Oh no. There it was. The dreaded three-letter word. B U T. It had found its way into rejection letters from agents, magazine editors, and publishers. The moment that word is spoken or read, that perfect crystal cage I’ve placed my story inside is shattered into a thousand pieces. I’d been conditioned to expect it, but (oh there it is again!) it always contained a tingle of pain, as if my story had just lost its innocence.

“It doesn’t feel like a story. It just feels like a bunch of scenes that fit together, but…I don’t know.”

“It’s a story,” John said to Dave, as I took a sip of coffee. “But it’s broken apart. Maybe on purpose?” John looked at me, but I shrugged and tried to keep a straight face.

“I kind of liked that,” Matt said, however I knew not to get hopeful again. Matt loved anything experimental or non-linear. “If it was just a conventional, A to B story, the ending would kind of lose its impact.”

“Yeah, about that ending…” Jeremy said, smiling. He threw the comment up like a softball waiting to get crushed by someone else.

Dave cracked it over the fence. “So does the main character want to kill himself, or is he trying to change?”

There was division on this answer. I’d left the ending ambiguous on purpose, so I’d expected there to be different opinions. What concerned me more was the general question that I’d asked almost everyone who had read a story I’d written: Were they satisfied? And so, I violated the unspoken rule just for a moment and asked them.

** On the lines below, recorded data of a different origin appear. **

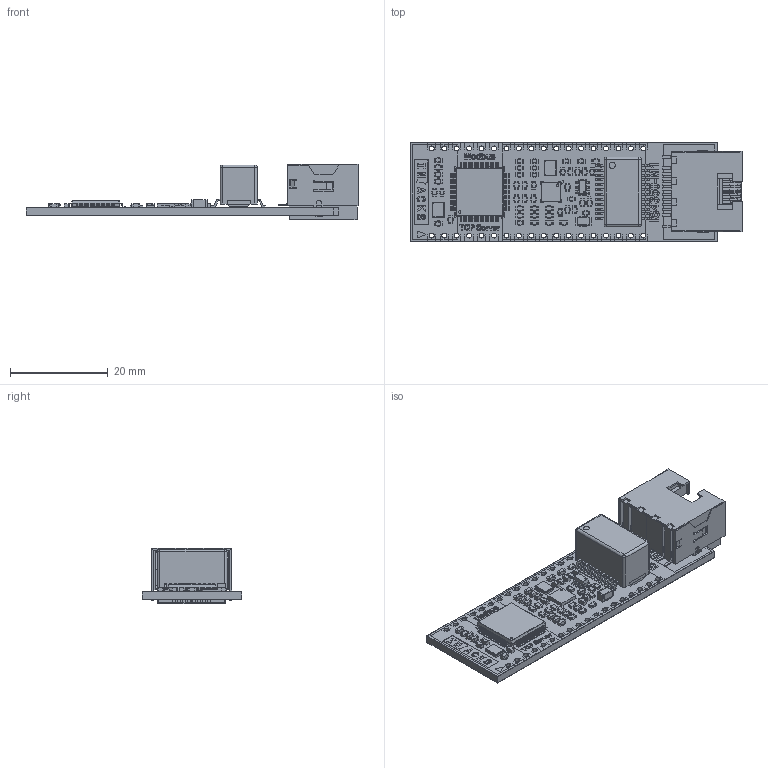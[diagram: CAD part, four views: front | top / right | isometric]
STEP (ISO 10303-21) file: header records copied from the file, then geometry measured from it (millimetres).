
FILE_DESCRIPTION(('KiCad electronic assembly'),'2;1');
FILE_NAME('IS4350-M1.step','2026-09-15T08:22:36',('Pcbnew'),('Kicad'), 'Open CASCADE STEP processor 7.9','KiCad to STEP converter','Unknown' );
FILE_SCHEMA(('AUTOMOTIVE_DESIGN { 1 0 10303 214 1 1 1 1 }'));
Length unit declared in the file: millimetre
Products named in the file (43): IS4350-M1 1; C_0603_1608Metric; Transformer_Ethernet_HALO_TG111-MSC13; R_0603_1608Metric; L_0603_1608Metric; LQFP-64_10x10mm_P0.5mm; Crystal_SMD_3225-4Pin_3.2x2.5mm; C7421394; root; rj45_smt_v2.step; SHIELD_Shell; HOUSING_Body; CT_P8; CT_P7; CT_P6; CT_P5; CT_P4; CT_P3; CT_P2; LEDPIN_12+; LEDPIN_11-; LEDPIN_10+; LEDPIN_9-; LED_YELLOW_LEFT; LED_GREEN_RIGHT; QFN-20-1EP_4x4mm_P0.5mm_EP2.5x2.5mm; QFN-20-1EP_4x4mm_Pitch0.5mm; C_1206_3216Metric; SOT-23-6; ISBA4C1_silkscreen; ISBA4C1_soldermask; ISBA4C1_PCB_1; ISBA4C1_PCB_2
Assembly tree (86 placements, depth 5):
  IS4350-M1 1
    C_0603_1608Metric  x24
      C_0603_1608Metric
    Transformer_Ethernet_HALO_TG111-MSC13
      Transformer_Ethernet_HALO_TG111-MSC13
    R_0603_1608Metric  x21
      R_0603_1608Metric
    L_0603_1608Metric
      L_0603_1608Metric
    LQFP-64_10x10mm_P0.5mm
      LQFP-64_10x10mm_P0.5mm
    Crystal_SMD_3225-4Pin_3.2x2.5mm  x2
      Crystal_SMD_3225-4Pin_3.2x2.5mm
    C7421394
      root
        rj45_smt_v2.step
          SHIELD_Shell
          HOUSING_Body
          CT_P8
          CT_P7
          CT_P6
          CT_P5
          CT_P4
          CT_P3
          CT_P2
          LEDPIN_12+
          LEDPIN_11-
          LEDPIN_10+
          LEDPIN_9-
          LED_YELLOW_LEFT
          LED_GREEN_RIGHT
    QFN-20-1EP_4x4mm_P0.5mm_EP2.5x2.5mm
      QFN-20-1EP_4x4mm_Pitch0.5mm
    C_1206_3216Metric
      C_1206_3216Metric
    SOT-23-6
      SOT-23-6
    ISBA4C1_silkscreen
    ISBA4C1_silkscreen
    ISBA4C1_soldermask
    ISBA4C1_soldermask
    ISBA4C1_PCB_1
    ISBA4C1_PCB_2
Bounding box: 67.76 x 20.32 x 11.3 mm (x, y, z)
Volume: 4064.3 mm3; surface area: 10968.7 mm2
Topology: 86 solids, 287 shells, 3704 faces, 14657 edges, 11385 vertices
Faces by surface type: plane 2781, cylinder 879, bspline 40, sphere 4
Full cylindrical faces by diameter (mm): 0.2 x9, 0.5 x1, 1 x36, 1.282 x1
Entity records: 134462 total; most frequent: CARTESIAN_POINT 23941, DIRECTION 18338, ORIENTED_EDGE 17879, EDGE_CURVE 11565, LINE 9766, VECTOR 9766, VERTEX_POINT 9353, AXIS2_PLACEMENT_3D 4286
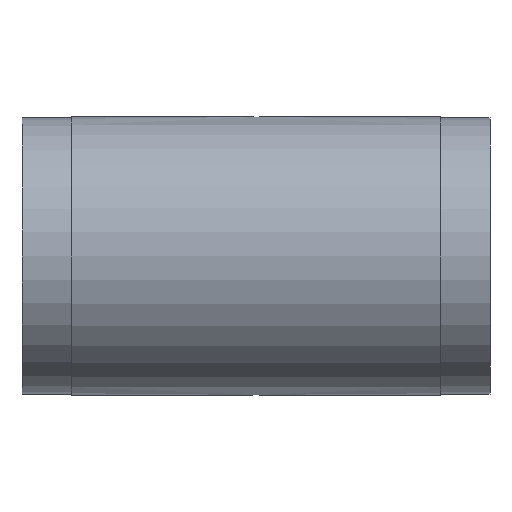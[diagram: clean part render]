
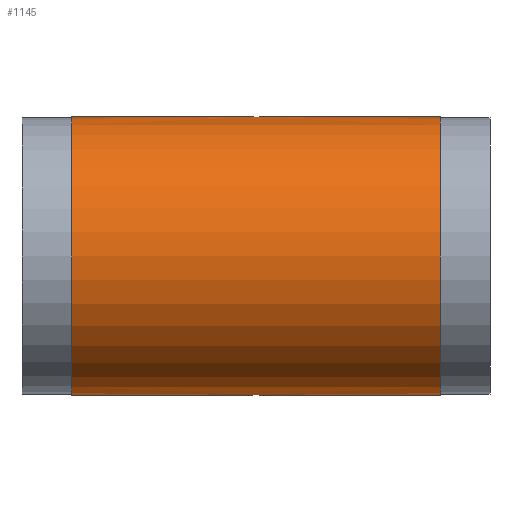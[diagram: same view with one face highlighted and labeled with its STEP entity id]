
A CAD part, front view. The second image highlights one B-rep face of the part: STEP entity #1145.
In plain terms, the highlighted cylindrical face has radius 22.5 mm (diameter 45 mm), a full revolution.
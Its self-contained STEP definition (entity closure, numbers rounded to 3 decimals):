
#18=B_SPLINE_CURVE_WITH_KNOTS('',3,(#1918,#1919,#1920,#1921,#1922,#1923,
#1924),.UNSPECIFIED.,.F.,.F.,(4,1,1,1,4),(0.,0.002,0.003,
0.005,0.006),.UNSPECIFIED.);
#19=B_SPLINE_CURVE_WITH_KNOTS('',3,(#1929,#1930,#1931,#1932,#1933,#1934,
#1935),.UNSPECIFIED.,.F.,.F.,(4,1,1,1,4),(0.,0.002,0.003,
0.005,0.006),.UNSPECIFIED.);
#20=B_SPLINE_CURVE_WITH_KNOTS('',3,(#1938,#1939,#1940,#1941,#1942,#1943,
#1944,#1945,#1946,#1947,#1948),.UNSPECIFIED.,.T.,.F.,(1,1,1,1,1,1,1,1,1,
1,1,1,1,1,1),(-0.004,-0.002,-0.001,
0.,0.001,0.002,0.004,0.005,
0.006,0.007,0.008,0.009,
0.011,0.012,0.013),.UNSPECIFIED.);
#21=B_SPLINE_CURVE_WITH_KNOTS('',3,(#1950,#1951,#1952,#1953,#1954,#1955,
#1956,#1957,#1958,#1959,#1960),.UNSPECIFIED.,.T.,.F.,(1,1,1,1,1,1,1,1,1,
1,1,1,1,1,1),(-0.004,-0.002,-0.001,
0.,0.001,0.002,0.004,0.005,
0.006,0.007,0.008,0.009,
0.011,0.012,0.013),.UNSPECIFIED.);
#109=LINE('',#1927,#197);
#110=LINE('',#1937,#198);
#197=VECTOR('',#1560,1000.);
#198=VECTOR('',#1561,1000.);
#410=ORIENTED_EDGE('',*,*,#668,.F.);
#411=ORIENTED_EDGE('',*,*,#669,.T.);
#412=ORIENTED_EDGE('',*,*,#670,.T.);
#413=ORIENTED_EDGE('',*,*,#671,.T.);
#414=ORIENTED_EDGE('',*,*,#672,.T.);
#415=ORIENTED_EDGE('',*,*,#673,.T.);
#416=ORIENTED_EDGE('',*,*,#674,.T.);
#417=ORIENTED_EDGE('',*,*,#667,.T.);
#667=EDGE_CURVE('',#809,#809,#899,.T.);
#668=EDGE_CURVE('',#810,#810,#900,.T.);
#669=EDGE_CURVE('',#811,#812,#18,.T.);
#670=EDGE_CURVE('',#812,#813,#109,.T.);
#671=EDGE_CURVE('',#813,#814,#19,.T.);
#672=EDGE_CURVE('',#814,#811,#110,.F.);
#673=EDGE_CURVE('',#815,#815,#20,.T.);
#674=EDGE_CURVE('',#816,#816,#21,.T.);
#809=VERTEX_POINT('',#1914);
#810=VERTEX_POINT('',#1917);
#811=VERTEX_POINT('',#1925);
#812=VERTEX_POINT('',#1926);
#813=VERTEX_POINT('',#1928);
#814=VERTEX_POINT('',#1936);
#815=VERTEX_POINT('',#1949);
#816=VERTEX_POINT('',#1961);
#899=CIRCLE('',#1286,22.5);
#900=CIRCLE('',#1288,22.5);
#953=EDGE_LOOP('',(#410));
#954=EDGE_LOOP('',(#411,#412,#413,#414));
#955=EDGE_LOOP('',(#415));
#956=EDGE_LOOP('',(#416));
#957=EDGE_LOOP('',(#417));
#1031=FACE_BOUND('',#953,.T.);
#1032=FACE_BOUND('',#954,.T.);
#1033=FACE_BOUND('',#955,.T.);
#1034=FACE_BOUND('',#956,.T.);
#1035=FACE_BOUND('',#957,.T.);
#1094=CYLINDRICAL_SURFACE('',#1287,22.5);
#1145=ADVANCED_FACE('',(#1031,#1032,#1033,#1034,#1035),#1094,.T.);
#1286=AXIS2_PLACEMENT_3D('',#1913,#1554,#1555);
#1287=AXIS2_PLACEMENT_3D('',#1915,#1556,#1557);
#1288=AXIS2_PLACEMENT_3D('',#1916,#1558,#1559);
#1554=DIRECTION('',(1.,0.,0.));
#1555=DIRECTION('',(0.,0.,-1.));
#1556=DIRECTION('',(1.,0.,0.));
#1557=DIRECTION('',(0.,0.,-1.));
#1558=DIRECTION('',(1.,0.,0.));
#1559=DIRECTION('',(0.,0.,-1.));
#1560=DIRECTION('',(1.,0.,0.));
#1561=DIRECTION('',(1.,0.,0.));
#1913=CARTESIAN_POINT('',(-29.8,0.,0.));
#1914=CARTESIAN_POINT('',(-29.8,0.,-22.5));
#1915=CARTESIAN_POINT('',(37.8,0.,0.));
#1916=CARTESIAN_POINT('',(29.8,0.,0.));
#1917=CARTESIAN_POINT('',(29.8,0.,-22.5));
#1918=CARTESIAN_POINT('',(-19.,22.411,2.));
#1919=CARTESIAN_POINT('',(-19.529,22.411,2.));
#1920=CARTESIAN_POINT('',(-20.564,22.456,1.567));
#1921=CARTESIAN_POINT('',(-21.217,22.522,0.002));
#1922=CARTESIAN_POINT('',(-20.566,22.456,-1.566));
#1923=CARTESIAN_POINT('',(-19.529,22.411,-2.));
#1924=CARTESIAN_POINT('',(-19.,22.411,-2.));
#1925=CARTESIAN_POINT('',(-19.,22.411,2.));
#1926=CARTESIAN_POINT('',(-19.,22.411,-2.));
#1927=CARTESIAN_POINT('',(37.8,22.411,-2.));
#1928=CARTESIAN_POINT('',(19.,22.411,-2.));
#1929=CARTESIAN_POINT('',(19.,22.411,-2.));
#1930=CARTESIAN_POINT('',(19.529,22.411,-2.));
#1931=CARTESIAN_POINT('',(20.564,22.456,-1.567));
#1932=CARTESIAN_POINT('',(21.217,22.522,-0.002));
#1933=CARTESIAN_POINT('',(20.566,22.456,1.566));
#1934=CARTESIAN_POINT('',(19.529,22.411,2.));
#1935=CARTESIAN_POINT('',(19.,22.411,2.));
#1936=CARTESIAN_POINT('',(19.,22.411,2.));
#1937=CARTESIAN_POINT('',(37.8,22.411,2.));
#1938=CARTESIAN_POINT('',(1.174,-1.177,-22.475));
#1939=CARTESIAN_POINT('',(1.663,0.,-22.513));
#1940=CARTESIAN_POINT('',(1.175,1.176,-22.475));
#1941=CARTESIAN_POINT('',(0.001,1.662,-22.437));
#1942=CARTESIAN_POINT('',(-1.175,1.176,-22.475));
#1943=CARTESIAN_POINT('',(-1.662,0.,-22.512));
#1944=CARTESIAN_POINT('',(-1.177,-1.174,-22.475));
#1945=CARTESIAN_POINT('',(-0.002,-1.662,-22.437));
#1946=CARTESIAN_POINT('',(1.174,-1.177,-22.475));
#1947=CARTESIAN_POINT('',(1.663,0.,-22.513));
#1948=CARTESIAN_POINT('',(1.175,1.176,-22.475));
#1949=CARTESIAN_POINT('',(1.5,0.,-22.5));
#1950=CARTESIAN_POINT('',(1.174,1.177,22.475));
#1951=CARTESIAN_POINT('',(1.663,0.,22.513));
#1952=CARTESIAN_POINT('',(1.175,-1.176,22.475));
#1953=CARTESIAN_POINT('',(0.001,-1.662,22.437));
#1954=CARTESIAN_POINT('',(-1.175,-1.176,22.475));
#1955=CARTESIAN_POINT('',(-1.662,0.,22.512));
#1956=CARTESIAN_POINT('',(-1.177,1.174,22.475));
#1957=CARTESIAN_POINT('',(-0.002,1.662,22.437));
#1958=CARTESIAN_POINT('',(1.174,1.177,22.475));
#1959=CARTESIAN_POINT('',(1.663,0.,22.513));
#1960=CARTESIAN_POINT('',(1.175,-1.176,22.475));
#1961=CARTESIAN_POINT('',(1.5,0.,22.5));

Their responses were No, No, kind of, yes and no, and Yeah, sure.

Not exactly what I was hoping for.

Each person had written comments, along with line edits, and at the end of the meeting, I took home five copies of a short story that had lost its newborn glow. I set it aside for a few weeks, too unconfident to mold it into something else entirely. I worked on other projects, and we continued to meet each Wednesday for the next three months. We learned each other’s styles, we saw stories transform and find new perspectives, and, most importantly, we enjoyed talking about this incredibly lonely profession. When summer came, life jumped in and broke up the group. Dave and his wife and two children moved to Minnesota, Matt graduated and moved west over the mountains, John got a job in Pennsylvania, Jeremy moved to Idaho, and Ben backpacked, somewhere.

Three years later, my wife and I found ourselves in Leysin, Switzerland. I’d written the story in 2007, the writing group edits happened in 2008, and after making a couple of my own changes, I’d submitted it to over twenty magazines. Unanimously rejected, of course. So in August of 2011, I found myself lazily going through a box of stories I’d gathered over the years, and, lo and behold, there were the five copies, paper clipped together. I had a free weekend, so I decided to take a deep breath and re-read all of their comments, this time with a clear mind.

I relived those Wednesday nights—the good times, the advice, the hours of conversation. I thought about Dave, John, Matt, Ben, and Jeremy, and I took pieces of all of their feedback and retooled the story (The title? Mihara). I sent the new story off to a magazine, and three months later, after years of rejection, it was accepted for publication. The longest story I had ever had published at the time. And it all happened because six guys decided to sit in a coffee shop every Wednesday and talk about fiction.